I’ll think about staying up late to watch a Pac-10 game.  It is football, after all; it’s college football.

 

 

1 I went to college in the olden days, before every game in the country could be found on cable or online.  I’m so old, in fact, that the radio my friend listened to probably had an actual dial.

2 At the time, I thought I ought to go because I’d get a better job, because I’d have more earning potential, and – mainly – because my parents wanted me to go.

3 Wake Forest University is the smallest school – by a substantial margin – in the six BCS “Automatic Qualifier” conferences.  When I was there, I was one of about 2800 undergraduates; schools like Michigan and Ohio State have more students currently enrolled than Wake Forest has alumni – ever, living and dead.  Despite Jim Grobe and the 2006 ACC Championship, the Demon Deacons still have the lowest winning percentage of the AQ teams.  I’m still Proud to be a Deacon.

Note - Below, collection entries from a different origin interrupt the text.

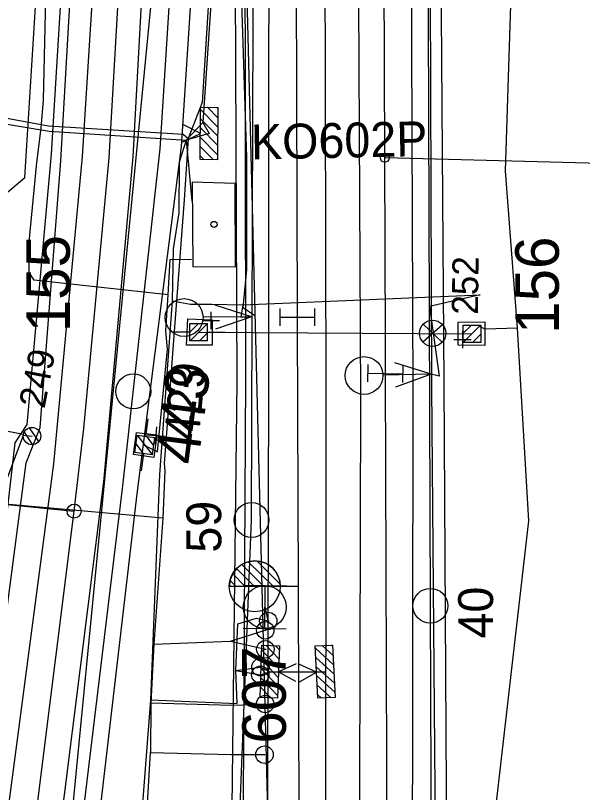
# Model space of a CAD drawing. Extents: x -598638 to -597933, y -1164002 to -1161904.
# Drawn here: x -598261.16 to -598228.67, y -1163238.11 to -1163193.56 of the extents above; entities that cross this region are included whole.
import ezdxf

# ---------------------------------------------------------------- set-up
doc = ezdxf.new("R2010")
doc.units = 0
for name, color, linetype in [('Vrstva 1', 7, 'Continuous'), ('Vrstva 11', 7, 'Continuous'), ('Vrstva 12', 7, 'Continuous'), ('Vrstva 2', 7, 'Continuous'), ('Vrstva 23', 7, 'Continuous'), ('Vrstva 25', 7, 'Continuous'), ('Vrstva 26', 7, 'Continuous'), ('Vrstva 28', 7, 'Continuous'), ('Vrstva 3', 7, 'Continuous'), ('Vrstva 31', 7, 'Continuous'), ('Vrstva 35', 7, 'Continuous'), ('Vrstva 4', 7, 'Continuous'), ('Vrstva 43', 7, 'Continuous'), ('Vrstva 44', 7, 'Continuous'), ('Vrstva 49', 7, 'Continuous'), ('Vrstva 51', 7, 'Continuous'), ('Vrstva 59', 7, 'Continuous'), ('Vrstva 63', 7, 'Continuous'), ('Vrstva 7', 7, 'Continuous')]:
    doc.layers.add(name, color=color, linetype=linetype)

msp = doc.modelspace()

# ---------------------------------------------------------------- linework, layer by layer
at = {"layer": 'Vrstva 1'}
for p, q in [((-598140.033, -1163204.282), (-598240, -1163201.726)), ((-598333.891, -1163214.308), (-598257.805, -1163221.972))]:
    msp.add_line(p, q, dxfattribs=at)
for points in [[(-598239.731, -1163287.87), (-598239.846, -1163247.571), (-598239.957, -1163214.082), (-598239.963, -1163212.175), (-598240, -1163201.726), (-598240.089, -1163175.503), (-598240.169, -1163146.755)], [(-598257.805, -1163221.972), (-598257.251, -1163217.232), (-598255.795, -1163201.726), (-598255.028, -1163188.437), (-598254.941, -1163186.204)], [(-598244.949, -1163226.279), (-598244.999, -1163211.167), (-598245, -1163210.857), (-598245.061, -1163191.702)], [(-598261.135, -1163248.665), (-598260.926, -1163246.987), (-598257.805, -1163221.972)], [(-598244.77, -1163287.888), (-598244.823, -1163269.091), (-598244.89, -1163246.328), (-598244.949, -1163226.279)]]:
    msp.add_lwpolyline(points, dxfattribs=at)
for centre, radius in [((-598240, -1163201.726), 0.25), ((-598257.805, -1163221.972), 0.4)]:
    msp.add_circle(centre, radius, dxfattribs=at)
at = {"layer": 'Vrstva 11'}
for p, q in [((-598251.17, -1163211.714), (-598250.676, -1163211.22)), ((-598251.146, -1163212.22), (-598250.17, -1163211.244)), ((-598235.5, -1163211.777), (-598235.033, -1163211.31)), ((-598235.5, -1163212.307), (-598234.503, -1163211.31)), ((-598251.166, -1163211.721), (-598252.17, -1163211.72)), ((-598250.616, -1163212.22), (-598250.17, -1163211.774)), ((-598250.18, -1163211.721), (-598249.17, -1163211.72)), ((-598234.973, -1163212.31), (-598234.5, -1163211.837)), ((-598253.695, -1163217.694), (-598253.564, -1163216.693)), ((-598253.326, -1163218.717), (-598254.167, -1163217.622)), ((-598253.257, -1163218.192), (-598253.641, -1163217.691)), ((-598253.831, -1163218.675), (-598254.256, -1163218.121)), ((-598253.824, -1163218.672), (-598253.956, -1163219.667))]:
    msp.add_line(p, q, dxfattribs=at)
for points in [[(-598251.17, -1163211.22), (-598250.17, -1163211.22), (-598250.17, -1163212.22), (-598251.17, -1163212.22)], [(-598235.5, -1163211.31), (-598234.5, -1163211.31), (-598234.5, -1163212.31), (-598235.5, -1163212.31)], [(-598254.321, -1163218.61), (-598254.19, -1163217.619), (-598253.199, -1163217.75), (-598253.33, -1163218.741)]]:
    msp.add_lwpolyline(points, close=True, dxfattribs=at)
for points in [[(-598251.17, -1163211.22), (-598250.17, -1163211.22), (-598250.17, -1163212.22), (-598251.17, -1163212.22), (-598251.17, -1163211.22)], [(-598235.5, -1163211.31), (-598234.5, -1163211.31), (-598234.5, -1163212.31), (-598235.5, -1163212.31), (-598235.5, -1163211.31)], [(-598250.67, -1163211.72), (-598235, -1163211.81)], [(-598254.321, -1163218.61), (-598254.19, -1163217.619), (-598253.199, -1163217.75), (-598253.33, -1163218.741), (-598254.321, -1163218.61)]]:
    msp.add_lwpolyline(points, dxfattribs=at)
at = {"layer": 'Vrstva 12'}
for points in [[(-598249.9, -1163211), (-598249.9, -1163212.46), (-598251.36, -1163212.46), (-598251.28, -1163210.95), (-598249.9, -1163211)], [(-598235.79, -1163212.46), (-598235.79, -1163211.14), (-598234.26, -1163211.12), (-598234.27, -1163212.48), (-598235.79, -1163212.46)], [(-598254.4, -1163218.73), (-598254.22, -1163217.46), (-598253.07, -1163217.61), (-598253.24, -1163218.9), (-598254.4, -1163218.73)]]:
    msp.add_lwpolyline(points, dxfattribs=at)
at = {"layer": 'Vrstva 2'}
for p, q in [((-598246.403, -1163226.286), (-598247.82, -1163224.877)), ((-598245.986, -1163226.172), (-598247.332, -1163224.833)), ((-598247.464, -1163226.288), (-598248.488, -1163225.27)), ((-598246.933, -1163226.288), (-598248.193, -1163225.036)), ((-598247.994, -1163226.29), (-598248.714, -1163225.574)), ((-598248.905, -1163226.293), (-598245.978, -1163226.284)), ((-598245.978, -1163226.285), (-598248.905, -1163226.293)), ((-598248.525, -1163226.292), (-598248.863, -1163225.956)), ((-598245.978, -1163226.284), (-598245.978, -1163226.285)), ((-598245.977, -1163226.285), (-598244.949, -1163226.279))]:
    msp.add_line(p, q, dxfattribs=at)
msp.add_lwpolyline([(-598244.823, -1163269.091), (-598244.89, -1163246.328), (-598244.949, -1163226.279)], dxfattribs=at)
msp.add_circle((-598247.449, -1163226.287), 1.462, dxfattribs=at)
msp.add_arc((-598247.441, -1163226.289), 1.464, 0.1882, 180.149, dxfattribs=at)
at = {"layer": 'Vrstva 23'}
for points in [[(-598248.545, -1163207.983), (-598248.577, -1163203.188), (-598251.04, -1163203.118), (-598250.991, -1163207.969)], [(-598248.545, -1163207.983), (-598250.991, -1163207.969)]]:
    msp.add_lwpolyline(points, dxfattribs=at)
at = {"layer": 'Vrstva 25'}
for p, q in [((-598237.825, -1163212.269), (-598236.686, -1163211.282)), ((-598237.796, -1163211.254), (-598236.701, -1163212.292)), ((-598236.5, -1163211.79), (-598235, -1163211.81)), ((-598260.707, -1163217.579), (-598264.145, -1163216.92)), ((-598259.832, -1163217.99), (-598260.369, -1163217.198)), ((-598260.163, -1163218.17), (-598260.656, -1163217.442)), ((-598246.73, -1163228.27), (-598246.63, -1163228.27)), ((-598246.899, -1163228.809), (-598246.799, -1163228.809)), ((-598246.891, -1163229.897), (-598246.791, -1163229.897)), ((-598247.17, -1163230.93), (-598247.07, -1163230.93)), ((-598247.18, -1163231.36), (-598247.08, -1163231.36)), ((-598246.906, -1163233.039), (-598246.806, -1163233.039)), ((-598246.944, -1163235.937), (-598246.844, -1163235.937))]:
    msp.add_line(p, q, dxfattribs=at)
for centre, radius in [((-598237.255, -1163211.776), 0.754), ((-598260.216, -1163217.673), 0.5), ((-598260.216, -1163217.673), 0.5), ((-598246.678, -1163228.27), 0.5), ((-598246.849, -1163228.809), 0.5), ((-598246.841, -1163229.897), 0.5), ((-598247.125, -1163230.923), 0.5), ((-598247.134, -1163231.355), 0.5), ((-598246.856, -1163233.039), 0.5), ((-598246.894, -1163235.937), 0.5)]:
    msp.add_circle(centre, radius, dxfattribs=at)
at = {"layer": 'Vrstva 26'}
for points in [[(-598234.532, -1163246.795), (-598231.747, -1163222.539), (-598232.401, -1163211.481), (-598233.074, -1163202.455), (-598231.426, -1163150.759)], [(-598250.425, -1163175.765), (-598250.438, -1163177.372), (-598249.817, -1163180.408), (-598249.659, -1163185.741), (-598250.466, -1163198.553), (-598251.268, -1163200.601), (-598251.5, -1163204.136), (-598252.635, -1163219.249), (-598252.61, -1163219.663), (-598252.716, -1163222.377)], [(-598250.425, -1163175.765), (-598250.438, -1163177.372), (-598249.817, -1163180.408), (-598249.768, -1163182.028), (-598249.68, -1163185.031), (-598249.659, -1163185.741), (-598249.798, -1163188.008), (-598249.929, -1163190.031), (-598250.466, -1163198.553), (-598251.268, -1163200.601), (-598251.5, -1163204.136)], [(-598247.442, -1163210.772), (-598248.105, -1163210.311), (-598247.898, -1163208.116), (-598247.909, -1163201.707), (-598248.244, -1163191), (-598248.258, -1163177.2), (-598249.088, -1163177.189)], [(-598253.78, -1163218.2), (-598253.02, -1163218.58), (-598252.46, -1163212.69), (-598252.55, -1163211.63), (-598252.42, -1163209.58), (-598260.1, -1163208.74), (-598260.38, -1163208.3), (-598260.4, -1163206.74), (-598259.94, -1163201.98), (-598259.69, -1163200.01), (-598259.55, -1163198.4), (-598259.36, -1163190.06), (-598258.72, -1163189.77), (-598258.7, -1163188.9)], [(-598250.466, -1163198.553), (-598250.466, -1163198.553)], [(-598264.673, -1163198.892), (-598259.279, -1163199.882), (-598251.555, -1163200.359)], [(-598251.555, -1163200.359), (-598251.268, -1163200.601)], [(-598252.42, -1163209.58), (-598252.3, -1163207.55), (-598251.07, -1163207.52)], [(-598232.401, -1163211.481), (-598234.242, -1163211.546), (-598234.568, -1163211.398)], [(-598252.716, -1163222.377), (-598262.19, -1163221.532), (-598260.699, -1163217.627), (-598260.216, -1163217.673)], [(-598252.635, -1163219.249), (-598252.61, -1163219.663), (-598252.716, -1163222.377)], [(-598252.716, -1163222.377), (-598253.236, -1163229.611), (-598253.397, -1163232.966), (-598253.428, -1163235.813)], [(-598253.236, -1163229.611), (-598248.831, -1163229.437), (-598246.849, -1163228.809)], [(-598248.831, -1163229.437), (-598246.841, -1163229.897)], [(-598253.397, -1163232.966), (-598248.765, -1163233.102), (-598246.856, -1163233.039)], [(-598273.816, -1163355.578), (-598271.677, -1163346.374), (-598270.289, -1163341.485), (-598268.518, -1163336.06), (-598265.457, -1163325.157), (-598262.629, -1163312.811), (-598258.667, -1163293.697), (-598257.35, -1163282.225), (-598255.678, -1163268.505), (-598254.603, -1163254.848), (-598253.891, -1163243.597), (-598253.428, -1163235.813)], [(-598253.428, -1163235.813), (-598248.795, -1163235.936), (-598246.894, -1163235.937)]]:
    msp.add_lwpolyline(points, dxfattribs=at)
at = {"layer": 'Vrstva 28'}
for p, q in [((-598249.568, -1163199.954), (-598250.561, -1163198.947)), ((-598249.564, -1163199.424), (-598250.16, -1163198.82)), ((-598249.561, -1163198.894), (-598249.63, -1163198.824)), ((-598249.571, -1163200.485), (-598250.564, -1163199.477)), ((-598249.574, -1163201.014), (-598250.567, -1163200.008)), ((-598249.577, -1163201.544), (-598250.571, -1163200.538)), ((-598249.831, -1163201.821), (-598250.575, -1163201.069)), ((-598250.362, -1163201.818), (-598250.578, -1163201.599)), ((-598246.788, -1163229.673), (-598246.065, -1163230.445)), ((-598246.258, -1163229.69), (-598246.048, -1163229.914)), ((-598242.929, -1163230.785), (-598243.978, -1163229.837)), ((-598242.956, -1163230.256), (-598243.585, -1163229.687)), ((-598242.982, -1163229.727), (-598243.056, -1163229.66)), ((-598247.049, -1163229.943), (-598246.082, -1163230.975)), ((-598247.066, -1163230.473), (-598246.1, -1163231.505)), ((-598242.903, -1163231.316), (-598243.951, -1163230.367)), ((-598247.084, -1163231.002), (-598246.117, -1163232.034)), ((-598242.876, -1163231.845), (-598243.925, -1163230.896)), ((-598247.102, -1163231.533), (-598246.135, -1163232.565)), ((-598242.849, -1163232.374), (-598243.898, -1163231.426)), ((-598247.119, -1163232.063), (-598246.538, -1163232.682)), ((-598243.087, -1163232.666), (-598243.872, -1163231.956)), ((-598243.616, -1163232.692), (-598243.845, -1163232.485)), ((-598247.136, -1163232.592), (-598247.068, -1163232.665))]:
    msp.add_line(p, q, dxfattribs=at)
for points in [[(-598265.34, -1163148.04), (-598265.46, -1163176.63), (-598262, -1163179.28), (-598258.86, -1163182.26), (-598249.45, -1163182.92), (-598249.41, -1163185.89), (-598249.83, -1163190.92), (-598250.42, -1163199.69), (-598251.389, -1163200.707)], [(-598360.628, -1163250.687), (-598347.056, -1163227.008), (-598343.69, -1163221.941), (-598334.357, -1163205.599), (-598329.437, -1163196.714), (-598327.818, -1163196), (-598319.941, -1163195.997), (-598311.197, -1163195.818), (-598297.498, -1163195.446), (-598266.143, -1163199.05), (-598259.229, -1163200.197), (-598251.389, -1163200.707), (-598251.78, -1163201.97), (-598251.81, -1163204.88), (-598252.12, -1163206.93), (-598252.19, -1163209.91), (-598252.91, -1163219.87), (-598253.43, -1163232.8), (-598254.31, -1163244.16)], [(-598250.579, -1163201.818), (-598250.559, -1163198.817), (-598249.56, -1163198.824), (-598249.579, -1163201.824), (-598250.579, -1163201.818)], [(-598251.573, -1163200.81), (-598250.569, -1163200.317), (-598251.566, -1163199.811)], [(-598250.42, -1163199.69), (-598250.07, -1163200.32), (-598251.389, -1163200.707)], [(-598252.19, -1163209.91), (-598251.14, -1163210.1), (-598249.91, -1163210.11), (-598248.14, -1163210.15), (-598234.54, -1163209.58), (-598237.43, -1163210.25), (-598236.88, -1163214.23), (-598237.34, -1163214.12)], [(-598248.14, -1163210.15), (-598248.24, -1163210.86), (-598247.64, -1163210.83)], [(-598253.43, -1163232.8), (-598248.45, -1163233.01), (-598248.54, -1163231.11), (-598248.42, -1163228.44), (-598247.35, -1163228.12), (-598246.68, -1163228.27), (-598246.86, -1163227.47)], [(-598246.041, -1163229.696), (-598246.139, -1163232.695), (-598247.139, -1163232.663), (-598247.04, -1163229.665), (-598246.041, -1163229.696)], [(-598243.834, -1163232.703), (-598243.985, -1163229.707), (-598242.986, -1163229.657), (-598242.835, -1163232.653), (-598243.834, -1163232.703)], [(-598245.074, -1163230.729), (-598246.089, -1163231.196), (-598245.106, -1163231.729)], [(-598248.54, -1163231.11), (-598247.12, -1163230.93), (-598246.59, -1163231.18), (-598243.41, -1163231.18)], [(-598248.54, -1163231.11), (-598247.13, -1163231.36), (-598246.59, -1163231.18)], [(-598244.883, -1163231.755), (-598243.909, -1163231.205), (-598244.933, -1163230.756)]]:
    msp.add_lwpolyline(points, dxfattribs=at)
for points in [[(-598250.579, -1163201.818), (-598250.559, -1163198.817), (-598249.56, -1163198.824), (-598249.579, -1163201.824)], [(-598246.041, -1163229.696), (-598246.139, -1163232.695), (-598247.139, -1163232.663), (-598247.04, -1163229.665)], [(-598243.834, -1163232.703), (-598243.985, -1163229.707), (-598242.986, -1163229.657), (-598242.835, -1163232.653)]]:
    msp.add_lwpolyline(points, close=True, dxfattribs=at)
at = {"layer": 'Vrstva 3'}
for p, q in [((-598247.64, -1163210.83), (-598249.717, -1163210.162)), ((-598245.999, -1163211.36), (-598246.001, -1163210.36)), ((-598243.999, -1163211.354), (-598244.001, -1163210.354)), ((-598247.64, -1163210.83), (-598250.4, -1163210.859)), ((-598247.64, -1163210.83), (-598249.703, -1163211.542)), ((-598246, -1163210.86), (-598244, -1163210.854)), ((-598240.966, -1163214.564), (-598240.948, -1163213.564)), ((-598237.34, -1163214.12), (-598239.426, -1163213.481)), ((-598238.966, -1163214.6), (-598238.948, -1163213.6)), ((-598240.957, -1163214.064), (-598238.957, -1163214.1)), ((-598237.34, -1163214.12), (-598240.099, -1163214.187)), ((-598237.34, -1163214.12), (-598239.393, -1163214.86)), ((-598248.078, -1163226.224), (-598245.614, -1163226.252)), ((-598246.874, -1163228.702), (-598246.846, -1163226.238)), ((-598248.106, -1163228.688), (-598245.642, -1163228.716))]:
    msp.add_line(p, q, dxfattribs=at)
for centre, radius in [((-598251.498, -1163210.875), 1.084), ((-598241.185, -1163214.201), 1.084), ((-598246.874, -1163227.476), 1.232)]:
    msp.add_circle(centre, radius, dxfattribs=at)
at = {"layer": 'Vrstva 31'}
msp.add_lwpolyline([(-598445.119, -1163438.183), (-598442.838, -1163432.572), (-598442.56, -1163432.17), (-598442.26, -1163430.07), (-598433.21, -1163395.711), (-598423.503, -1163370.002), (-598418.049, -1163355.705), (-598405.678, -1163328.228), (-598398.251, -1163314.957), (-598386.091, -1163294.234), (-598371.931, -1163269.732), (-598360.628, -1163250.687), (-598347.056, -1163227.008), (-598343.69, -1163221.941), (-598334.357, -1163205.599), (-598329.437, -1163196.714), (-598327.818, -1163196), (-598319.941, -1163195.997), (-598311.197, -1163195.818), (-598297.498, -1163195.446), (-598266.143, -1163199.05), (-598259.229, -1163200.197), (-598251.389, -1163200.707), (-598251.058, -1163204.207)], dxfattribs=at)
at = {"layer": 'Vrstva 35'}
msp.add_lwpolyline([(-598252.19, -1163209.91), (-598251.14, -1163210.1), (-598249.91, -1163210.11), (-598248.14, -1163210.15), (-598234.54, -1163209.58)], dxfattribs=at)
at = {"layer": 'Vrstva 4'}
for points in [[(-598398.167, -1163553.239), (-598376.487, -1163515.918), (-598348.795, -1163467.979), (-598339.716, -1163452.202), (-598323.266, -1163423.236), (-598308.372, -1163396.471), (-598302.715, -1163384.123), (-598298.324, -1163372.137), (-598289.593, -1163344.221), (-598282.967, -1163321.229), (-598274.797, -1163290.285), (-598269.404, -1163272.781), (-598266.519, -1163258.633), (-598263.896, -1163241.651), (-598261.185, -1163218.05), (-598260.503, -1163217.001), (-598259.092, -1163201.513), (-598258.163, -1163186.176), (-598256.557, -1163141.317), (-598256.485, -1163129.008), (-598255.651, -1163108.451), (-598254.34, -1163087.718), (-598253.319, -1163075.132)], [(-598321.684, -1163563.952), (-598314.649, -1163552.341), (-598302.065, -1163529.781), (-598292.77, -1163512.02), (-598281.731, -1163489.572), (-598274.163, -1163472.668), (-598266.066, -1163452.17), (-598258.953, -1163431.709), (-598252.674, -1163410.241), (-598246.46, -1163386.104), (-598243.144, -1163368.884), (-598239.955, -1163345.756), (-598237.56, -1163323.253), (-598236.679, -1163305.47), (-598236.283, -1163282.744), (-598236.431, -1163244.569), (-598236.596, -1163214.625), (-598236.873, -1163174.881), (-598236.229, -1163131.239), (-598234.781, -1163108.249), (-598234.285, -1163099.455), (-598231.787, -1163078.342)], [(-598283.36, -1163489.15), (-598275.736, -1163471.917), (-598267.551, -1163451.028), (-598260.793, -1163431.262), (-598254.345, -1163409.722), (-598248.47, -1163385.636), (-598245.045, -1163368.352), (-598241.712, -1163345.6), (-598239.462, -1163322.753), (-598238.478, -1163305.467), (-598238.203, -1163283.28), (-598238.406, -1163245.16), (-598238.376, -1163215.168), (-598238.53, -1163175.26), (-598238.394, -1163131.328), (-598237.202, -1163108.683), (-598236.122, -1163097.625), (-598233.737, -1163078.205)], [(-598307.376, -1163503.64), (-598306.256, -1163500.72), (-598304.527, -1163496.743), (-598299.478, -1163486.144), (-598290.117, -1163465.204), (-598280.795, -1163442.724), (-598274.814, -1163425.66), (-598269.09, -1163405.616), (-598262.907, -1163380.487), (-598260.225, -1163366.071), (-598256.638, -1163342.661), (-598254.612, -1163322.432), (-598252.977, -1163304.928), (-598251.437, -1163287.268), (-598250.068, -1163266.224), (-598248.818, -1163245.446), (-598248.467, -1163214.545), (-598248.623, -1163173.63), (-598248.072, -1163131.254), (-598247.596, -1163128.349)], [(-598388.69, -1163572.819), (-598382.701, -1163561.089), (-598361.383, -1163524.292), (-598334.6, -1163477.579), (-598308.353, -1163432.12), (-598292.471, -1163404.257), (-598285.937, -1163390.16), (-598281.631, -1163378.652), (-598277.216, -1163365.008), (-598272.579, -1163348.284), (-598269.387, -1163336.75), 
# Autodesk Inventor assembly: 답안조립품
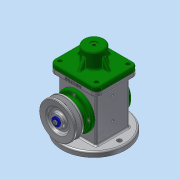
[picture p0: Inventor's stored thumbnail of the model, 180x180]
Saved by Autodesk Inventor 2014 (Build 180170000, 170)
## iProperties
Created: 2018-10
Part Number: 답안조립품
Document SubType Name: Assembly
Designer: 602-19
Author: 602-19
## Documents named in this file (18)
- C:\Users\602-19\Desktop\481008V1003\답안조립품.iam
- C:\Users\602-19\Desktop\481008V1003\본체.ipt
- C:\Users\602-19\Desktop\481008V1003\E-링.ipt
- C:\Users\602-19\Desktop\481008V1003\V-벨트풀리.ipt
- C:\Users\602-19\Desktop\481008V1003\덮개.ipt
- C:\Users\602-19\Desktop\481008V1003\뒤커버.ipt
- C:\Users\602-19\Desktop\481008V1003\링크.ipt
- C:\Users\602-19\Desktop\481008V1003\베어링 17 x 40 x 12.ipt
- C:\Users\602-19\Desktop\481008V1003\볼트 M4 x 8.ipt
- C:\Users\602-19\Desktop\481008V1003\볼트 M4 x 10.ipt
- C:\Users\602-19\Desktop\481008V1003\슬라이더.ipt
- C:\Users\602-19\Desktop\481008V1003\앞커버.ipt
- C:\Users\602-19\Desktop\481008V1003\오일 실 17 30 8.ipt
- C:\Users\602-19\Desktop\481008V1003\와셔 4x16.ipt
- C:\Users\602-19\Desktop\481008V1003\클레비스 핀 6 x 22.ipt
- 클레비스 핀 6 x 22.ipt
- C:\Users\602-19\Desktop\481008V1003\키 4 x 4 x 12.ipt
- C:\Users\602-19\Desktop\481008V1003\편심축.ipt
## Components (2 placed, 2 different names)
1. E-링:1
2. V-벨트풀리:1
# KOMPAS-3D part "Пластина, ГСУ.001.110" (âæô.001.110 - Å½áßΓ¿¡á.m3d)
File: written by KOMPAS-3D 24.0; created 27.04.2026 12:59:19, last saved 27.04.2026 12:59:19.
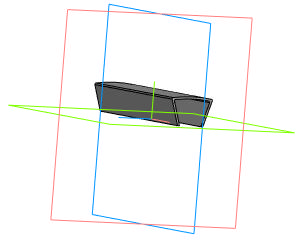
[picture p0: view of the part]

Document properties: Автор: User7; Полное имя файла: C:\Users\User7\Desktop\олимп\ГСУ.001.110 - Пластина.m3d

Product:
- Part/product: Пластина  | designation ГСУ.001.110
    Масса: 0.003574

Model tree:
1. Эскиз:1
2. Элемент выдавливания:1
     Расстояние 1 = 38
3. Скругление:1  (with: Ребро.Элемент выдавливания:1)
     Радиус = 0.3

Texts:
  ГСУ.001.110

4 Since 2005: Texas, Florida, LSU, Florida, Alabama, Auburn, Alabama.  (The last 6, you’ll notice, are all from the SEC.)  Confederacy, hell; the BCS title hasn’t left the Gulf Coast in 7 years.

5 It’s a little funny that the cover of ESPN the Magazine’s college football preview, in which Bragg’s article appeared, read “Curse the SEC.”  Their other outlets give off the distinct whiff of terror that the SEC is going to so dominate the sport, for so long, that college football will become a regional niche sport.  (To be fair, the various ESPN “platforms” have featured some thought-provoking commentary on football the last couple of weeks, especially Charles Pierce’s Grantland article on the history of land-grant schools and J.R. Moehringer’s “120 Reasons.”)

6 Actually, they whipped the University of Washington (as in the state), who don’t really qualify as Yankees, and they beat them by one point, which doesn’t really count as “whipped.”  The bigger victory was over the derision and low expectations.